(Data records)
# # #

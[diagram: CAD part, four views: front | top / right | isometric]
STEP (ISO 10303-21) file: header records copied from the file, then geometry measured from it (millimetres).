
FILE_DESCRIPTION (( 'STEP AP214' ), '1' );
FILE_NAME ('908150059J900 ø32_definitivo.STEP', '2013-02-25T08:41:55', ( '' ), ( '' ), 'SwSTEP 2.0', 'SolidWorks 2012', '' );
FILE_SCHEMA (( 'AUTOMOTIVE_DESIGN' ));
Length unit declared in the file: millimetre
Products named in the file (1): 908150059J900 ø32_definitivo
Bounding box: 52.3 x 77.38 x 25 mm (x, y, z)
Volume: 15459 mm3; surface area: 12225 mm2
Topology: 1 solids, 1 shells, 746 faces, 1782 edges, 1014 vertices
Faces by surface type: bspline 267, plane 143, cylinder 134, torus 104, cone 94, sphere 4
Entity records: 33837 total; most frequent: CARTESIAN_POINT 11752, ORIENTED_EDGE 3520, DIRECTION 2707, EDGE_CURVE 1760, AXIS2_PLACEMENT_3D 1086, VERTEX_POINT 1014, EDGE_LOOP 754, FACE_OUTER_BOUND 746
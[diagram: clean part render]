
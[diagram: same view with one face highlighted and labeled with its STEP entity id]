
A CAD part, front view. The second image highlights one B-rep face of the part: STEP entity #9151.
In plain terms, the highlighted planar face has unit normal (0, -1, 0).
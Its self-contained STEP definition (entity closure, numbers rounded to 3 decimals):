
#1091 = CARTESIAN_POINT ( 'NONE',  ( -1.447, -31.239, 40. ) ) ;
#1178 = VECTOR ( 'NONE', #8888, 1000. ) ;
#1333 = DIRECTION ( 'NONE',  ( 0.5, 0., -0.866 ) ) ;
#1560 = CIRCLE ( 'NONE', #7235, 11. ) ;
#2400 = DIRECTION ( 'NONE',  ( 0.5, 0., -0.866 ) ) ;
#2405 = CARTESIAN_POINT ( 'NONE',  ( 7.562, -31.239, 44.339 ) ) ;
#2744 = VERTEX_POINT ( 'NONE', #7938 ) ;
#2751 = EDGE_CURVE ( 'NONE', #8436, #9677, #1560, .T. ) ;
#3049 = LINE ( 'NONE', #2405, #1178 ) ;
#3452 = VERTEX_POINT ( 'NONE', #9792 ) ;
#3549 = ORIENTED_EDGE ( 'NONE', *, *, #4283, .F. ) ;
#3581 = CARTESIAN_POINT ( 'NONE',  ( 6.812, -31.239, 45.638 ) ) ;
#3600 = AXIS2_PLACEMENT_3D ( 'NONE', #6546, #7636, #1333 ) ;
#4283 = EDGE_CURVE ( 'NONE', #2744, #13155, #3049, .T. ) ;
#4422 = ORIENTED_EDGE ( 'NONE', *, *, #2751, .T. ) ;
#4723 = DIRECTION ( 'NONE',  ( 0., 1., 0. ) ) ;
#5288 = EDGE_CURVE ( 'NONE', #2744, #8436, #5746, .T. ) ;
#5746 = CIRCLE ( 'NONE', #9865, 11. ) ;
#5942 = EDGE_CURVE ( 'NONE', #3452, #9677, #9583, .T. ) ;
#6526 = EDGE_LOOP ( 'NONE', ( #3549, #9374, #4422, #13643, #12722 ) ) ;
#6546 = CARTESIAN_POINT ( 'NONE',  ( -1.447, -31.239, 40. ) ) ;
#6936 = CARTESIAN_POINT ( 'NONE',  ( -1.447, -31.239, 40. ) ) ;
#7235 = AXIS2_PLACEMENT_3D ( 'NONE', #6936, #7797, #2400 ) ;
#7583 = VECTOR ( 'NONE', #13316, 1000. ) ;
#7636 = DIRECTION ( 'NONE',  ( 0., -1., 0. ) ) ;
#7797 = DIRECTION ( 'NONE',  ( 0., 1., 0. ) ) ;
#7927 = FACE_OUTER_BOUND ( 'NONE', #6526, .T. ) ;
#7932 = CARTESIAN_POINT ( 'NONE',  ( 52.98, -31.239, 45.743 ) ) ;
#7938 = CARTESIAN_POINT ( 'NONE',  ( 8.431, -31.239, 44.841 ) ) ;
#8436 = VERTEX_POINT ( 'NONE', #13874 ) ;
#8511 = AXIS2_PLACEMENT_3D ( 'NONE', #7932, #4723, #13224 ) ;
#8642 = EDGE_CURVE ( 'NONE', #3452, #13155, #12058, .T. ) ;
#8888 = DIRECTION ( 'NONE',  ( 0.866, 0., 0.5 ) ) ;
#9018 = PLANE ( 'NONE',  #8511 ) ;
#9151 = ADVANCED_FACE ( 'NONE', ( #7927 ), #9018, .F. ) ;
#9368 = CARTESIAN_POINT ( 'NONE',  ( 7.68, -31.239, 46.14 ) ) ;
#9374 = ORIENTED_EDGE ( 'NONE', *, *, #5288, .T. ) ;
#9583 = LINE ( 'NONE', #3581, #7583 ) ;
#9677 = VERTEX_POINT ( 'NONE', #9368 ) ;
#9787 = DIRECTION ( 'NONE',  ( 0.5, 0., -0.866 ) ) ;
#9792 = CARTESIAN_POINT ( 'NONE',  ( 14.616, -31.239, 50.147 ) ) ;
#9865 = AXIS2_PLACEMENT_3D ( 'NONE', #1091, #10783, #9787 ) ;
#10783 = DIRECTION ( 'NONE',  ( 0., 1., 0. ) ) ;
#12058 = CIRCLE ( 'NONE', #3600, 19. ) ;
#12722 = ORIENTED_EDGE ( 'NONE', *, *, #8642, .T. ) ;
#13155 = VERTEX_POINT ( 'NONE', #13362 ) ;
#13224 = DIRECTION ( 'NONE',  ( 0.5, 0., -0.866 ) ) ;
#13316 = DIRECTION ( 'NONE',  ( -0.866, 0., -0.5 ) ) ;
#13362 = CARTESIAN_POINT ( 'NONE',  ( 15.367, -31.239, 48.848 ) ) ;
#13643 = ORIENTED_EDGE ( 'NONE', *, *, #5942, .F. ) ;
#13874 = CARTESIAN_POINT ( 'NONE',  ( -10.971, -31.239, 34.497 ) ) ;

# # #

# WHAT TO PRODUCE
This exercise needs each record retyped exactly as shown.

# OUTPUT OF THE TASK
[diagram: CAD part, four views: front | top / right | isometric]
STEP (ISO 10303-21) file: header records copied from the file, then geometry measured from it (millimetres).
FILE_DESCRIPTION (( 'STEP AP214' ), '1' );
FILE_NAME ('908150059J900 ø32_definitivo.STEP', '2013-02-25T08:41:55', ( '' ), ( '' ), 'SwSTEP 2.0', 'SolidWorks 2012', '' );
FILE_SCHEMA (( 'AUTOMOTIVE_DESIGN' ));
Length unit declared in the file: millimetre
Products named in the file (1): 908150059J900 ø32_definitivo
Bounding box: 52.3 x 77.38 x 25 mm (x, y, z)
Volume: 15459 mm3; surface area: 12225 mm2
Topology: 1 solids, 1 shells, 746 faces, 1782 edges, 1014 vertices
Faces by surface type: bspline 267, plane 143, cylinder 134, torus 104, cone 94, sphere 4
Entity records: 33837 total; most frequent: CARTESIAN_POINT 11752, ORIENTED_EDGE 3520, DIRECTION 2707, EDGE_CURVE 1760, AXIS2_PLACEMENT_3D 1086, VERTEX_POINT 1014, EDGE_LOOP 754, FACE_OUTER_BOUND 746
[diagram: clean part render]
[diagram: same view with one face highlighted and labeled with its STEP entity id]
A CAD part, front view. The second image highlights one B-rep face of the part: STEP entity #9151.
In plain terms, the highlighted planar face has unit normal (0, -1, 0).
Its self-contained STEP definition (entity closure, numbers rounded to 3 decimals):
#1091 = CARTESIAN_POINT ( 'NONE',  ( -1.447, -31.239, 40. ) ) ;
#1178 = VECTOR ( 'NONE', #8888, 1000. ) ;
#1333 = DIRECTION ( 'NONE',  ( 0.5, 0., -0.866 ) ) ;
#1560 = CIRCLE ( 'NONE', #7235, 11. ) ;
#2400 = DIRECTION ( 'NONE',  ( 0.5, 0., -0.866 ) ) ;
#2405 = CARTESIAN_POINT ( 'NONE',  ( 7.562, -31.239, 44.339 ) ) ;
#2744 = VERTEX_POINT ( 'NONE', #7938 ) ;
#2751 = EDGE_CURVE ( 'NONE', #8436, #9677, #1560, .T. ) ;
#3049 = LINE ( 'NONE', #2405, #1178 ) ;
#3452 = VERTEX_POINT ( 'NONE', #9792 ) ;
#3549 = ORIENTED_EDGE ( 'NONE', *, *, #4283, .F. ) ;
#3581 = CARTESIAN_POINT ( 'NONE',  ( 6.812, -31.239, 45.638 ) ) ;
#3600 = AXIS2_PLACEMENT_3D ( 'NONE', #6546, #7636, #1333 ) ;
#4283 = EDGE_CURVE ( 'NONE', #2744, #13155, #3049, .T. ) ;
#4422 = ORIENTED_EDGE ( 'NONE', *, *, #2751, .T. ) ;
#4723 = DIRECTION ( 'NONE',  ( 0., 1., 0. ) ) ;
#5288 = EDGE_CURVE ( 'NONE', #2744, #8436, #5746, .T. ) ;
#5746 = CIRCLE ( 'NONE', #9865, 11. ) ;
#5942 = EDGE_CURVE ( 'NONE', #3452, #9677, #9583, .T. ) ;
#6526 = EDGE_LOOP ( 'NONE', ( #3549, #9374, #4422, #13643, #12722 ) ) ;
#6546 = CARTESIAN_POINT ( 'NONE',  ( -1.447, -31.239, 40. ) ) ;
#6936 = CARTESIAN_POINT ( 'NONE',  ( -1.447, -31.239, 40. ) ) ;
#7235 = AXIS2_PLACEMENT_3D ( 'NONE', #6936, #7797, #2400 ) ;
#7583 = VECTOR ( 'NONE', #13316, 1000. ) ;
#7636 = DIRECTION ( 'NONE',  ( 0., -1., 0. ) ) ;
#7797 = DIRECTION ( 'NONE',  ( 0., 1., 0. ) ) ;
#7927 = FACE_OUTER_BOUND ( 'NONE', #6526, .T. ) ;
#7932 = CARTESIAN_POINT ( 'NONE',  ( 52.98, -31.239, 45.743 ) ) ;
#7938 = CARTESIAN_POINT ( 'NONE',  ( 8.431, -31.239, 44.841 ) ) ;
#8436 = VERTEX_POINT ( 'NONE', #13874 ) ;
#8511 = AXIS2_PLACEMENT_3D ( 'NONE', #7932, #4723, #13224 ) ;
#8642 = EDGE_CURVE ( 'NONE', #3452, #13155, #12058, .T. ) ;
#8888 = DIRECTION ( 'NONE',  ( 0.866, 0., 0.5 ) ) ;
#9018 = PLANE ( 'NONE',  #8511 ) ;
#9151 = ADVANCED_FACE ( 'NONE', ( #7927 ), #9018, .F. ) ;
#9368 = CARTESIAN_POINT ( 'NONE',  ( 7.68, -31.239, 46.14 ) ) ;
#9374 = ORIENTED_EDGE ( 'NONE', *, *, #5288, .T. ) ;
#9583 = LINE ( 'NONE', #3581, #7583 ) ;
#9677 = VERTEX_POINT ( 'NONE', #9368 ) ;
#9787 = DIRECTION ( 'NONE',  ( 0.5, 0., -0.866 ) ) ;
#9792 = CARTESIAN_POINT ( 'NONE',  ( 14.616, -31.239, 50.147 ) ) ;
#9865 = AXIS2_PLACEMENT_3D ( 'NONE', #1091, #10783, #9787 ) ;
#10783 = DIRECTION ( 'NONE',  ( 0., 1., 0. ) ) ;
#12058 = CIRCLE ( 'NONE', #3600, 19. ) ;
#12722 = ORIENTED_EDGE ( 'NONE', *, *, #8642, .T. ) ;
#13155 = VERTEX_POINT ( 'NONE', #13362 ) ;
#13224 = DIRECTION ( 'NONE',  ( 0.5, 0., -0.866 ) ) ;
#13316 = DIRECTION ( 'NONE',  ( -0.866, 0., -0.5 ) ) ;
#13362 = CARTESIAN_POINT ( 'NONE',  ( 15.367, -31.239, 48.848 ) ) ;
#13643 = ORIENTED_EDGE ( 'NONE', *, *, #5942, .F. ) ;
#13874 = CARTESIAN_POINT ( 'NONE',  ( -10.971, -31.239, 34.497 ) ) ;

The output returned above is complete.